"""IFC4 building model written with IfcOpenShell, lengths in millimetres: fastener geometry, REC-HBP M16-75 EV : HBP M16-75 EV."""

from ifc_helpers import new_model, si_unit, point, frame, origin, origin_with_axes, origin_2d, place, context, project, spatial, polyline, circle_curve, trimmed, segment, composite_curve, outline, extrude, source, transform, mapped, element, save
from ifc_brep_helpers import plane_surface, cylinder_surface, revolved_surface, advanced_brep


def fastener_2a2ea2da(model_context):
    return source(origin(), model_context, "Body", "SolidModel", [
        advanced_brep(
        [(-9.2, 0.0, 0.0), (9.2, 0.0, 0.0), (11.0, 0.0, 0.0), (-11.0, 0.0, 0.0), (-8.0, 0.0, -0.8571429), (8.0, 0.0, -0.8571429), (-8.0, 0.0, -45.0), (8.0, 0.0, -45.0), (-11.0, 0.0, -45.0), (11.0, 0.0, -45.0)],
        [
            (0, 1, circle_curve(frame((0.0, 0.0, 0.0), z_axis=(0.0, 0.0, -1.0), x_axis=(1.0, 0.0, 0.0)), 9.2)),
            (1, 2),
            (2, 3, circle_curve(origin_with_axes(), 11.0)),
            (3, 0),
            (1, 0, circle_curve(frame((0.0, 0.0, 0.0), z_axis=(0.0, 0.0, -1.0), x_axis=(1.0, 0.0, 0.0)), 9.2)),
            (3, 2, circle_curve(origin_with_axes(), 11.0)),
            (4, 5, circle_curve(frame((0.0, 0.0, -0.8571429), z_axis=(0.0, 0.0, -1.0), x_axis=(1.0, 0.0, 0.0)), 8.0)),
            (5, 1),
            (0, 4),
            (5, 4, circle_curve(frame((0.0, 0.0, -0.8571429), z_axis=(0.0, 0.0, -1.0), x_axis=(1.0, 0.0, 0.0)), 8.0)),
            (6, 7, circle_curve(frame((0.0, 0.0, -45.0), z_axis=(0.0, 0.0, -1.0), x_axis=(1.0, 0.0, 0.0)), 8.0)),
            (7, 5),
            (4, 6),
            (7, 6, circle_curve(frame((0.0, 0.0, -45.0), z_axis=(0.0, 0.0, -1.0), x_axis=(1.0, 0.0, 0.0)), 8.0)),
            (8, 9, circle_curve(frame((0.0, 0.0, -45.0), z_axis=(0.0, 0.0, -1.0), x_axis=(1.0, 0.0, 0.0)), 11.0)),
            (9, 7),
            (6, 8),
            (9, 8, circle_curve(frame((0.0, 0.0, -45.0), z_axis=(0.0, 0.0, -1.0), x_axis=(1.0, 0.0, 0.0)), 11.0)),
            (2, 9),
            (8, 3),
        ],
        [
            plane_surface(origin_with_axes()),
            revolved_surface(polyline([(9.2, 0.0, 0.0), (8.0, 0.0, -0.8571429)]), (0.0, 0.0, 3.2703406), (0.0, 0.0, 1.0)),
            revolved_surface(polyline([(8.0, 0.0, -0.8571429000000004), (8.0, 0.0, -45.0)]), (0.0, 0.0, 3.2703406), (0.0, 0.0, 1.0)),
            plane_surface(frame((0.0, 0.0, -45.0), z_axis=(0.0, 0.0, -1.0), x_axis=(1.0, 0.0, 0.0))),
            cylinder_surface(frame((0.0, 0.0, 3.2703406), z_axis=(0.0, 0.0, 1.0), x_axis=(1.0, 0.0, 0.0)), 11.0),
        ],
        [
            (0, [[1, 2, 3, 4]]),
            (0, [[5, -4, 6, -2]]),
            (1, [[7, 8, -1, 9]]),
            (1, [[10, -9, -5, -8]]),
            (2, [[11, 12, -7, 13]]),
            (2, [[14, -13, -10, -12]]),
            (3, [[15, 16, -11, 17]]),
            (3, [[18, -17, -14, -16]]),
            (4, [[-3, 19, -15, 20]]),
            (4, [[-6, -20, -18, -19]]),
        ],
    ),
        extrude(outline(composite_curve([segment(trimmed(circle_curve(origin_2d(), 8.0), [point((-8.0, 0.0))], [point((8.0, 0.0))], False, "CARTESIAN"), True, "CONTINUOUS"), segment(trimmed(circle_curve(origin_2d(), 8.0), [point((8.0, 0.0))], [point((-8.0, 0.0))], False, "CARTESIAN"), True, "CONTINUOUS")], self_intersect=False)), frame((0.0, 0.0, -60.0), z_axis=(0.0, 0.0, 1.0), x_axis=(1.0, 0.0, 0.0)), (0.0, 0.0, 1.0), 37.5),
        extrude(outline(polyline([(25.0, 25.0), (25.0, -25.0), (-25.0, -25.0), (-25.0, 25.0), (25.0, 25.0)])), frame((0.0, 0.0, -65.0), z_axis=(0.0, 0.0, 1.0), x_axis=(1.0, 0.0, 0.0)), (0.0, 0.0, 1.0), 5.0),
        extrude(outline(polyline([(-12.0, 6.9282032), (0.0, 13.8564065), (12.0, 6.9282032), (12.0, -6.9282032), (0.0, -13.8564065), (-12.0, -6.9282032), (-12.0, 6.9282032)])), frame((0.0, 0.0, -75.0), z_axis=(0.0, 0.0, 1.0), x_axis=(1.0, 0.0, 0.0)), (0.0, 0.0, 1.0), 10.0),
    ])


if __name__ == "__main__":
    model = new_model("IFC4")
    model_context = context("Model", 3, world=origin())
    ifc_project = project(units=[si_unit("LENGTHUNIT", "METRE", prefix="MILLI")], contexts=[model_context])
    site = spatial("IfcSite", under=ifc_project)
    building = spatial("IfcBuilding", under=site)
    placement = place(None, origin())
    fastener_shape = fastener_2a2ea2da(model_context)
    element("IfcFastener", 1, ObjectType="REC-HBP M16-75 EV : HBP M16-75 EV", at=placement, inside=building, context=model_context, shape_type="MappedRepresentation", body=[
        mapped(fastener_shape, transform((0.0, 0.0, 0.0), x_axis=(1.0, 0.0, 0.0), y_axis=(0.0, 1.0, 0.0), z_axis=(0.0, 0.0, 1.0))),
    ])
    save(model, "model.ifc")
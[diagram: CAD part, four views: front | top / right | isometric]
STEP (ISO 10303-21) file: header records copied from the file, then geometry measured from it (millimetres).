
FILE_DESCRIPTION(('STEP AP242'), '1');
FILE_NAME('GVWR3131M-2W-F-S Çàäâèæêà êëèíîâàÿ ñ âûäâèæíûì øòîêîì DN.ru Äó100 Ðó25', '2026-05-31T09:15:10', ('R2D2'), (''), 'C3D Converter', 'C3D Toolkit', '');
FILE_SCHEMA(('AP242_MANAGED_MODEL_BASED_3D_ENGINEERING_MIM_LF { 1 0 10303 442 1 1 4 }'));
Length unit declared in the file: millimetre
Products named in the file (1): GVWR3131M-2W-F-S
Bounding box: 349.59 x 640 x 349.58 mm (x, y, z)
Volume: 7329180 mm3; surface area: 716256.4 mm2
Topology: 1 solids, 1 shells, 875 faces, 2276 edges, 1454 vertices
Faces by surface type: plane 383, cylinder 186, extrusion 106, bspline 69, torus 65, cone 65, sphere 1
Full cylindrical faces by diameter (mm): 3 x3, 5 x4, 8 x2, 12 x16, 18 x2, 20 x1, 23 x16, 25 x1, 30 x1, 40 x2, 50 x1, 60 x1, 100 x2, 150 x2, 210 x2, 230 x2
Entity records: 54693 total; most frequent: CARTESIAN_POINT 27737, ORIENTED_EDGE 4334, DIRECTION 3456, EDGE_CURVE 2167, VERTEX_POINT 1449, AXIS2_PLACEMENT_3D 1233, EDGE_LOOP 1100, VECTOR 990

########################################

■ Work instructions:
Whenever a line in the entries above includes the word "records", pull that line out.

■ Response area:
STEP (ISO 10303-21) file: header records copied from the file, then geometry measured from it (millimetres).
Entity records: 54693 total; most frequent: CARTESIAN_POINT 27737, ORIENTED_EDGE 4334, DIRECTION 3456, EDGE_CURVE 2167, VERTEX_POINT 1449, AXIS2_PLACEMENT_3D 1233, EDGE_LOOP 1100, VECTOR 990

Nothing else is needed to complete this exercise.